Go through the listing below and show each line that has the word "popisy".

Start of Block

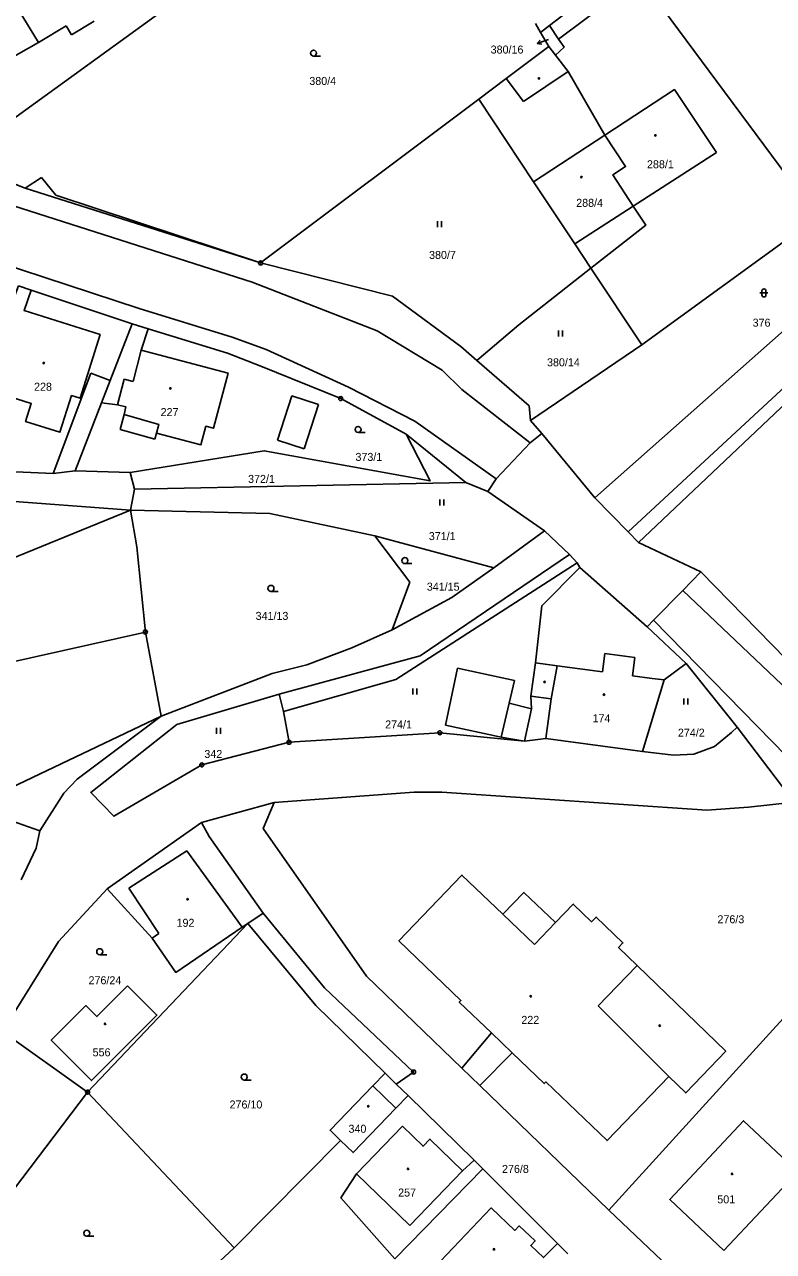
# Model space of a CAD drawing. Extents: x -745926 to -742978, y -968282 to -965689.
# Drawn here: x -744718.8 to -744625.3, y -966751.7 to -966598.4 of the extents above; entities that cross this region are included whole.
import ezdxf

# ---------------------------------------------------------------- set-up
doc = ezdxf.new("R2010")
doc.units = 0
for name, color, linetype in [('Hranice parcel', 7, 'Continuous'), ('Parcelní čísla', 7, 'Continuous'), ('Pop  PČ popisy', 7, 'Continuous'), ('Vnitřní kresba', 7, 'Continuous'), ('Značky bodu BP', 7, 'Continuous'), ('Značky budov', 7, 'Continuous'), ('Značky kultur', 7, 'Continuous')]:
    doc.layers.add(name, color=color, linetype=linetype)

msp = doc.modelspace()

# ---------------------------------------------------------------- linework, layer by layer
at = {"layer": 'Hranice parcel'}
for p, q in [((-744727.43, -966615.48), (-744701.27, -966596.5)), ((-744654.98, -966598.3), (-744654.34, -966599.41)), ((-744654.34, -966599.41), (-744653.23, -966598.56)), ((-744653.32, -966601.18), (-744654.34, -966599.41)), ((-744653.23, -966598.56), (-744652.09, -966600.26)), ((-744652.5, -966602.25), (-744653.32, -966601.18)), ((-744689.3, -966628.22), (-744662.06, -966607.75)), ((-744655.22, -966618.08), (-744662.06, -966607.75)), ((-744619.79, -966622.48), (-744641.7, -966638.46)), ((-744648.06, -966628.88), (-744641.7, -966638.46)), ((-744717.95, -966631.6), (-744719.52, -966631.07)), ((-744705.35, -966635.83), (-744717.95, -966631.6)), ((-744703.35, -966636.44), (-744705.35, -966635.83)), ((-744641.7, -966638.46), (-744655.62, -966647.91)), ((-744709.18, -966645.69), (-744712.48, -966654.2)), ((-744663.66, -966655.63), (-744671.15, -966649.6)), ((-744705.6, -966654.39), (-744712.48, -966654.2)), ((-744705.05, -966656.48), (-744705.6, -966654.39)), ((-744663.66, -966655.63), (-744705.05, -966656.48)), ((-744705.54, -966659.11), (-744730.81, -966657.23)), ((-744705.05, -966656.48), (-744705.54, -966659.11)), ((-744647.58, -966657.55), (-744643.39, -966661.79)), ((-744670.68, -966668.08), (-744675.06, -966662.3)), ((-744660.19, -966666.29), (-744675.06, -966662.3)), ((-744660.19, -966666.29), (-744653.84, -966661.68)), ((-744650.73, -966664.66), (-744653.84, -966661.68)), ((-744643.39, -966661.79), (-744642.11, -966663.14)), ((-744649.78, -966665.7), (-744650.73, -966664.66)), ((-744649.46, -966666.27), (-744649.78, -966665.7)), ((-744672.87, -966674.07), (-744670.68, -966668.08)), ((-744701.74, -966684.82), (-744703.69, -966674.33)), ((-744629.78, -966686.2), (-744636.15, -966678.25)), ((-744725.41, -966696.15), (-744701.74, -966684.82)), ((-744686.45, -966684.25), (-744685.75, -966688.1)), ((-744622.7, -966695.6), (-744629.78, -966686.2)), ((-744687.63, -966695.61), (-744696.68, -966698.13)), ((-744696.68, -966698.13), (-744708.45, -966706.39)), ((-744690.9, -966710.75), (-744710.9, -966731.8)), ((-744710.9, -966731.8), (-744721.55, -966724.25)), ((-744664.18, -966728.82), (-744661.95, -966730.97)), ((-744661.95, -966730.97), (-744645.84, -966746.54)), ((-744733.65, -966761.72), (-744710.9, -966731.8)), ((-744710.9, -966731.8), (-744692.6, -966751.25)), ((-744670.9, -966732.24), (-744662.65, -966740.31)), ((-744692.6, -966751.25), (-744679.33, -966737.83)), ((-744661.55, -966741.39), (-744662.65, -966740.31)), ((-744672.56, -966752.63), (-744661.55, -966741.39)), ((-744661.55, -966741.39), (-744652.22, -966750.73)), ((-744645.84, -966746.54), (-744631.18, -966760.42)), ((-744692.6, -966751.25), (-744718.03, -966774.76)), ((-744650.95, -966752), (-744652.22, -966750.73))]:
    msp.add_line(p, q, dxfattribs=at)
for points in [[(-744701.27, -966596.5), (-744707.68, -966587.65), (-744713.09, -966580.18), (-744722.16, -966586.05), (-744728.83, -966590.26), (-744727, -966593.31), (-744722.74, -966590.77), (-744721.41, -966593.48), (-744717.03, -966600.68), (-744726.42, -966605.96), (-744727.43, -966615.48)], [(-744653.23, -966598.56), (-744633.37, -966583.31), (-744610.98, -966610.94), (-744606.23, -966614.33)], [(-744619.79, -966622.48), (-744641.9, -966592.6), (-744652.09, -966600.26)], [(-744662.06, -966607.75), (-744658.64, -966605.18), (-744653.32, -966601.18)], [(-744652.09, -966600.26), (-744651.42, -966601.27), (-744652.5, -966602.25)], [(-744652.5, -966602.25), (-744650.92, -966604.32), (-744646.32, -966612.26)], [(-744647.58, -966657.55), (-744623.94, -966636.62), (-744602.57, -966617.89), (-744590.26, -966607.1)], [(-744587.47, -966609.99), (-744599.63, -966621.25), (-744643.39, -966661.79)], [(-744586.51, -966610.56), (-744598.85, -966622.14), (-744615.78, -966638.18), (-744632.9, -966654.4), (-744639.86, -966661), (-744642.11, -966663.14)], [(-744646.32, -966612.26), (-744643.73, -966616.19), (-744645.33, -966617.23), (-744642.79, -966621.14), (-744641.21, -966623.51), (-744648.06, -966628.88)], [(-744727.43, -966615.48), (-744718.72, -966618.88), (-744689.3, -966628.22)], [(-744648.06, -966628.88), (-744650.07, -966625.85), (-744655.22, -966618.08)], [(-744689.3, -966628.22), (-744672.83, -966632.38), (-744664.3, -966638.67), (-744662.3, -966640.41)], [(-744662.3, -966640.41), (-744657.05, -966635.93), (-744648.06, -966628.88)], [(-744719.52, -966631.07), (-744721.73, -966636.96), (-744723.13, -966641.4), (-744720.95, -966642.09), (-744721.74, -966644.57), (-744717.94, -966645.77), (-744718.65, -966648.02), (-744714.36, -966649.37), (-744712.91, -966644.78), (-744711.85, -966645.12), (-744709.34, -966637.16), (-744718.84, -966634.16), (-744717.95, -966631.6)], [(-744705.35, -966635.83), (-744708.09, -966642.9), (-744709.18, -966645.69)], [(-744709.18, -966645.69), (-744707.19, -966645.93), (-744706.12, -966646.21), (-744706.33, -966647.17), (-744702.01, -966648.38), (-744702.31, -966649.48), (-744696.75, -966650.94), (-744696.14, -966648.61), (-744695.18, -966648.86), (-744693.36, -966641.97), (-744704.2, -966639.12), (-744703.35, -966636.44)], [(-744671.15, -966649.6), (-744679.3, -966645.16), (-744689.28, -966641.11), (-744693.44, -966639.49), (-744703.35, -966636.44)], [(-744662.3, -966640.41), (-744655.77, -966646.07), (-744655.62, -966647.91)], [(-744655.62, -966647.91), (-744654.18, -966649.52), (-744647.58, -966657.55)], [(-744671.15, -966649.6), (-744668.14, -966655.45), (-744688.85, -966651.67), (-744705.6, -966654.39)], [(-744712.48, -966654.2), (-744715.21, -966654.51), (-744744.18, -966653.24)], [(-744653.84, -966661.68), (-744660.94, -966656.77), (-744663.66, -966655.63)], [(-744705.54, -966659.11), (-744727.83, -966668.17), (-744734.12, -966670.73)], [(-744703.69, -966674.33), (-744704.76, -966663.68), (-744705.54, -966659.11)], [(-744675.06, -966662.3), (-744688.17, -966659.52), (-744705.54, -966659.11)], [(-744642.11, -966663.14), (-744634.33, -966666.82), (-744611.23, -966690.46)], [(-744650.73, -966664.66), (-744669.37, -966677.29), (-744687, -966682.09), (-744699.75, -966685.87), (-744710.52, -966694.38), (-744707.65, -966697.35), (-744696.65, -966690.92), (-744685.75, -966688.1)], [(-744649.78, -966665.7), (-744672.42, -966680.24), (-744686.45, -966684.25)], [(-744672.87, -966674.07), (-744665.41, -966670.03), (-744660.19, -966666.29)], [(-744649.46, -966666.27), (-744654.21, -966671.04), (-744654.99, -966678.16), (-744655.55, -966682.35), (-744655.47, -966683.92), (-744656.37, -966687.95)], [(-744636.15, -966678.25), (-744641.04, -966673.69), (-744649.46, -966666.27)], [(-744703.69, -966674.33), (-744731.26, -966680.52), (-744757.14, -966685.91)], [(-744701.74, -966684.82), (-744687.87, -966679.52), (-744683.54, -966678.42), (-744677.93, -966676.29), (-744672.87, -966674.07)], [(-744641.62, -966689.26), (-744638.9, -966680.3), (-744636.15, -966678.25)], [(-744685.75, -966688.1), (-744666.93, -966686.91), (-744656.37, -966687.95)], [(-744641.62, -966689.26), (-744637.77, -966689.73), (-744635.2, -966689.58), (-744632.64, -966688.63), (-744630.51, -966686.88), (-744629.78, -966686.2)], [(-744656.37, -966687.95), (-744653.7, -966687.64), (-744641.62, -966689.26)], [(-744622.7, -966695.6), (-744628.39, -966696.22), (-744633.6, -966696.59), (-744666.69, -966694.35), (-744670.13, -966694.33), (-744687.63, -966695.61)], [(-744719.2, -966705.27), (-744717.35, -966701.31), (-744716.86, -966699.15), (-744725.41, -966696.15)], [(-744687.63, -966695.61), (-744689, -966698.88), (-744676.08, -966717.31), (-744664.18, -966728.82)], [(-744690.9, -966710.75), (-744688.97, -966709.45), (-744695.73, -966699.89), (-744696.68, -966698.13)], [(-744661.95, -966730.97), (-744657.9, -966726.89), (-744653.89, -966730.73), (-744653.69, -966730.52), (-744646.04, -966737.86), (-744638.35, -966729.85), (-744636.22, -966731.9), (-744631.23, -966726.7), (-744642.3, -966715.97), (-744644.61, -966713.75), (-744644.06, -966713.17), (-744647.42, -966709.94), (-744647.98, -966710.52), (-744650.27, -966708.32), (-744652.49, -966710.63), (-744656.42, -966706.85), (-744659.05, -966709.59), (-744664.16, -966704.69), (-744672.04, -966712.9), (-744664.29, -966720.34), (-744664.5, -966720.55), (-744660.49, -966724.4), (-744664.18, -966728.82)], [(-744708.45, -966706.39), (-744714.53, -966713), (-744721.55, -966724.25)], [(-744708.45, -966706.39), (-744702.84, -966712.58), (-744699.9, -966716.84), (-744691.62, -966711.19), (-744690.9, -966710.75)], [(-744645.84, -966746.54), (-744612.36, -966709.73), (-744610.19, -966707.35)], [(-744690.9, -966710.75), (-744682.39, -966721), (-744673.76, -966729.44)], [(-744705.94, -966718.52), (-744702.25, -966722.17), (-744706.08, -966726.03), (-744710.42, -966730.36), (-744715.45, -966725.33), (-744711.12, -966720.99), (-744709.74, -966722.37), (-744705.94, -966718.52)], [(-744673.76, -966729.44), (-744675.29, -966731.03), (-744680.63, -966736.57), (-744679.33, -966737.83)], [(-744670.9, -966732.24), (-744672.37, -966730.8), (-744673.76, -966729.44)], [(-744679.33, -966737.83), (-744677.75, -966739.35), (-744672.41, -966733.8), (-744670.9, -966732.24)], [(-744662.65, -966740.31), (-744664.08, -966741.64), (-744668.17, -966737.68), (-744669.02, -966738.56), (-744671.59, -966736.07), (-744677.35, -966742.02), (-744679.3, -966745.02), (-744672.56, -966752.63)], [(-744631.47, -966751.61), (-744622.21, -966741.76), (-744628.99, -966735.39), (-744638.21, -966745.2), (-744631.47, -966751.61)], [(-744652.22, -966750.73), (-744654, -966752.47), (-744655.58, -966750.96), (-744655.04, -966750.39), (-744657.01, -966748.52), (-744657.56, -966749.09), (-744660.53, -966746.27), (-744669.2, -966755.41), (-744662.91, -966761.37), (-744659.15, -966757.4), (-744658.9, -966757.64), (-744657.47, -966759)]]:
    msp.add_lwpolyline(points, dxfattribs=at)
at = {"layer": 'Pop  PČ popisy'}
for p, q in [((-744653.35, -966600.31), (-744654.77, -966600.8)), ((-744654.77, -966600.8), (-744654.38, -966600.4)), ((-744654.77, -966600.8), (-744654.21, -966600.87))]:
    msp.add_line(p, q, dxfattribs=at)
at = {"layer": 'Vnitřní kresba'}
for p, q in [((-744710.1, -966598.02), (-744712.91, -966599.73)), ((-744713.6, -966598.59), (-744717.03, -966600.68)), ((-744712.91, -966599.73), (-744713.6, -966598.59)), ((-744656.47, -966608.06), (-744658.64, -966605.18)), ((-744650.92, -966604.32), (-744656.47, -966608.06)), ((-744655.22, -966618.08), (-744646.32, -966612.26)), ((-744632.4, -966614.41), (-744642.79, -966621.14)), ((-744718.72, -966618.88), (-744716.67, -966617.53)), ((-744716.67, -966617.53), (-744714.88, -966619.74)), ((-744729.2, -966618.19), (-744690.35, -966630.62)), ((-744714.88, -966619.74), (-744689.3, -966628.22)), ((-744642.79, -966621.14), (-744650.07, -966625.85)), ((-744704.46, -966633.91), (-744733.87, -966624.25)), ((-744690.35, -966630.62), (-744674.77, -966636.7)), ((-744692.87, -966637.49), (-744704.46, -966633.91)), ((-744688.63, -966639.03), (-744692.87, -966637.49)), ((-744674.77, -966636.7), (-744666.63, -966641.62)), ((-744705.23, -966643.02), (-744704.2, -966639.12)), ((-744678.33, -966643.72), (-744688.63, -966639.03)), ((-744710.5, -966641.97), (-744715.21, -966654.51)), ((-744708.09, -966642.9), (-744710.5, -966641.97)), ((-744666.63, -966641.62), (-744664.16, -966644.03)), ((-744707.19, -966645.93), (-744706.35, -966642.73)), ((-744706.35, -966642.73), (-744705.23, -966643.02)), ((-744670.03, -966648), (-744678.33, -966643.72)), ((-744664.16, -966644.03), (-744655.63, -966650.71)), ((-744687.2, -966650.35), (-744685.41, -966644.82)), ((-744685.41, -966644.82), (-744682.06, -966645.9)), ((-744706.33, -966647.17), (-744706.84, -966649.02)), ((-744682.06, -966645.9), (-744683.85, -966651.44)), ((-744659.89, -966655.17), (-744670.03, -966648)), ((-744706.84, -966649.02), (-744702.52, -966650.23)), ((-744702.52, -966650.23), (-744702.31, -966649.48)), ((-744655.63, -966650.71), (-744654.18, -966649.52)), ((-744683.85, -966651.44), (-744687.2, -966650.35)), ((-744655.63, -966650.71), (-744659.89, -966655.17)), ((-744659.89, -966655.17), (-744660.94, -966656.77)), ((-744634.33, -966666.82), (-744636.59, -966669.13)), ((-744636.59, -966669.13), (-744640.26, -966672.85)), ((-744636.59, -966669.13), (-744612.76, -966691.81)), ((-744640.26, -966672.85), (-744641.04, -966673.69)), ((-744618.94, -966694.66), (-744640.26, -966672.85)), ((-744646.62, -966679.28), (-744646.31, -966677)), ((-744646.31, -966677), (-744642.57, -966677.5)), ((-744642.57, -966677.5), (-744642.88, -966679.8)), ((-744664.73, -966678.84), (-744666.21, -966685.95)), ((-744657.6, -966680.4), (-744664.73, -966678.84)), ((-744654.99, -966678.16), (-744652.26, -966678.53)), ((-744653.04, -966682.68), (-744652.26, -966678.53)), ((-744652.26, -966678.53), (-744646.62, -966679.28)), ((-744658.27, -966683.2), (-744657.6, -966680.4)), ((-744642.88, -966679.8), (-744640.4, -966680.14)), ((-744640.4, -966680.14), (-744638.9, -966680.3)), ((-744687, -966682.09), (-744686.45, -966684.25)), ((-744653.04, -966682.68), (-744655.55, -966682.35)), ((-744659.25, -966687.45), (-744658.27, -966683.2)), ((-744655.47, -966683.92), (-744658.27, -966683.2)), ((-744653.7, -966687.64), (-744653.04, -966682.68)), ((-744712.19, -966692.69), (-744701.74, -966684.82)), ((-744666.21, -966685.95), (-744659.25, -966687.45)), ((-744659.25, -966687.45), (-744656.37, -966687.95)), ((-744713.88, -966694.44), (-744712.19, -966692.69)), ((-744716.86, -966699.15), (-744713.88, -966694.44)), ((-744705.77, -966706.32), (-744698.5, -966701.67)), ((-744698.5, -966701.67), (-744691.62, -966711.19)), ((-744702, -966712), (-744705.77, -966706.32)), ((-744688.97, -966709.45), (-744681.33, -966718.77)), ((-744655.12, -966713.37), (-744659.05, -966709.59)), ((-744652.49, -966710.63), (-744655.12, -966713.37)), ((-744702.84, -966712.58), (-744702, -966712)), ((-744647.15, -966721.02), (-744642.38, -966716.05)), ((-744642.3, -966715.97), (-744642.38, -966716.05)), ((-744681.33, -966718.77), (-744670.2, -966729.3)), ((-744638.35, -966729.85), (-744647.15, -966721.02)), ((-744657.9, -966726.89), (-744660.49, -966724.4)), ((-744670.2, -966729.3), (-744672.37, -966730.8)), ((-744673.91, -966732.36), (-744675.29, -966731.03)), ((-744672.41, -966733.8), (-744673.91, -966732.36)), ((-744670.69, -966748.46), (-744677.35, -966742.02)), ((-744664.08, -966741.64), (-744670.69, -966748.46))]:
    msp.add_line(p, q, dxfattribs=at)
msp.add_lwpolyline([(-744646.32, -966612.26), (-744637.63, -966606.57), (-744632.4, -966614.41)], dxfattribs=at)
at = {"layer": 'Značky bodu BP'}
for centre, radius in [((-744689.3, -966628.22), 0.25), ((-744689.3, -966628.22), 0.0152), ((-744679.3, -966645.16), 0.25), ((-744679.3, -966645.16), 0.0152), ((-744703.69, -966674.33), 0.25), ((-744703.69, -966674.33), 0.0152), ((-744666.93, -966686.91), 0.25), ((-744666.93, -966686.91), 0.0152), ((-744685.75, -966688.1), 0.25), ((-744685.75, -966688.1), 0.0152), ((-744696.65, -966690.92), 0.25), ((-744696.65, -966690.92), 0.0152), ((-744670.2, -966729.3), 0.25), ((-744670.2, -966729.3), 0.0152), ((-744710.9, -966731.8), 0.25), ((-744710.9, -966731.8), 0.0152)]:
    msp.add_circle(centre, radius, dxfattribs=at)
at = {"layer": 'Značky budov'}
for centre in [(-744654.56, -966605.17), (-744640, -966612.29), (-744649.24, -966617.49), (-744716.38, -966640.73), (-744700.56, -966643.9), (-744653.85, -966680.56), (-744646.43, -966682.15), (-744698.42, -966707.7), (-744655.57, -966719.83), (-744708.72, -966723.28), (-744639.47, -966723.5), (-744675.87, -966733.56), (-744670.89, -966741.4), (-744630.43, -966742.02), (-744660.16, -966751.44)]:
    msp.add_circle(centre, 0.0875, dxfattribs=at)
at = {"layer": 'Značky kultur'}
for p, q in [((-744682.7, -966602.39), (-744681.82, -966602.39)), ((-744667.21, -966623.74), (-744667.21, -966622.99)), ((-744666.7, -966623.74), (-744666.7, -966622.99)), ((-744626.71, -966631.72), (-744626.71, -966632.22)), ((-744626.21, -966632.22), (-744626.21, -966631.72)), ((-744626.96, -966631.97), (-744625.96, -966631.97)), ((-744652.11, -966637.41), (-744652.11, -966636.66)), ((-744651.6, -966637.41), (-744651.6, -966636.66)), ((-744677.13, -966649.4), (-744676.25, -966649.4)), ((-744666.91, -966658.5), (-744666.91, -966657.75)), ((-744666.41, -966658.5), (-744666.41, -966657.75)), ((-744671.29, -966665.78), (-744670.41, -966665.78)), ((-744688.01, -966669.26), (-744687.13, -966669.26)), ((-744670.28, -966682.13), (-744670.28, -966681.38)), ((-744669.78, -966682.13), (-744669.78, -966681.38)), ((-744636.45, -966683.38), (-744636.45, -966682.63)), ((-744635.95, -966683.38), (-744635.95, -966682.63)), ((-744694.82, -966687.06), (-744694.82, -966686.31)), ((-744694.32, -966687.06), (-744694.32, -966686.31)), ((-744709.39, -966714.64), (-744708.51, -966714.64)), ((-744691.35, -966730.3), (-744690.47, -966730.3)), ((-744711.01, -966749.81), (-744710.13, -966749.81))]:
    msp.add_line(p, q, dxfattribs=at)
for centre in [(-744682.7, -966602.01), (-744677.13, -966649.02), (-744671.29, -966665.4), (-744688.01, -966668.88), (-744709.39, -966714.26), (-744691.35, -966729.92), (-744711.01, -966749.43)]:
    msp.add_circle(centre, 0.375, dxfattribs=at)
for centre, start, end in [((-744626.46, -966631.72), 0, 180), ((-744626.46, -966632.22), 180, 359.9879)]:
    msp.add_arc(centre, 0.25, start, end, dxfattribs=at)

# ---------------------------------------------------------------- texts
at = {"layer": 'Parcelní čísla'}
for s, p in [('380/16', (-744660.58, -966602.06)), ('380/4', (-744683.22, -966605.98)), ('288/1', (-744641.06, -966616.39)), ('288/4', (-744649.9, -966621.21)), ('380/7', (-744668.27, -966627.72)), ('376', (-744627.87, -966636.18)), ('380/14', (-744653.54, -966641.13)), ('228', (-744717.59, -966644.18)), ('227', (-744701.79, -966647.35)), ('373/1', (-744677.46, -966652.95)), ('372/1', (-744690.87, -966655.7)), ('371/1', (-744668.3, -966662.84)), ('341/15', (-744668.55, -966669.16)), ('341/13', (-744689.93, -966672.81)), ('274/1', (-744673.75, -966686.37)), ('174', (-744647.86, -966685.6)), ('274/2', (-744637.2, -966687.4)), ('342', (-744696.33, -966690.06)), ('276/3', (-744632.26, -966710.71)), ('192', (-744699.8, -966711.15)), ('276/24', (-744710.79, -966718.33)), ('222', (-744656.75, -966723.28)), ('556', (-744710.28, -966727.33)), ('276/10', (-744693.18, -966733.85)), ('340', (-744678.33, -966736.88)), ('276/8', (-744659.16, -966741.9)), ('257', (-744672.13, -966744.85)), ('501', (-744632.28, -966745.7))]:
    msp.add_text(s, height=1, dxfattribs=at).set_placement(p)

doc.saveas('drawing.dxf')

End of Block

■ **RESPONSE**
for name, color, linetype in [('Hranice parcel', 7, 'Continuous'), ('Parcelní čísla', 7, 'Continuous'), ('Pop  PČ popisy', 7, 'Continuous'), ('Vnitřní kresba', 7, 'Continuous'), ('Značky bodu BP', 7, 'Continuous'), ('Značky budov', 7, 'Continuous'), ('Značky kultur', 7, 'Continuous')]:
at = {"layer": 'Pop  PČ popisy'}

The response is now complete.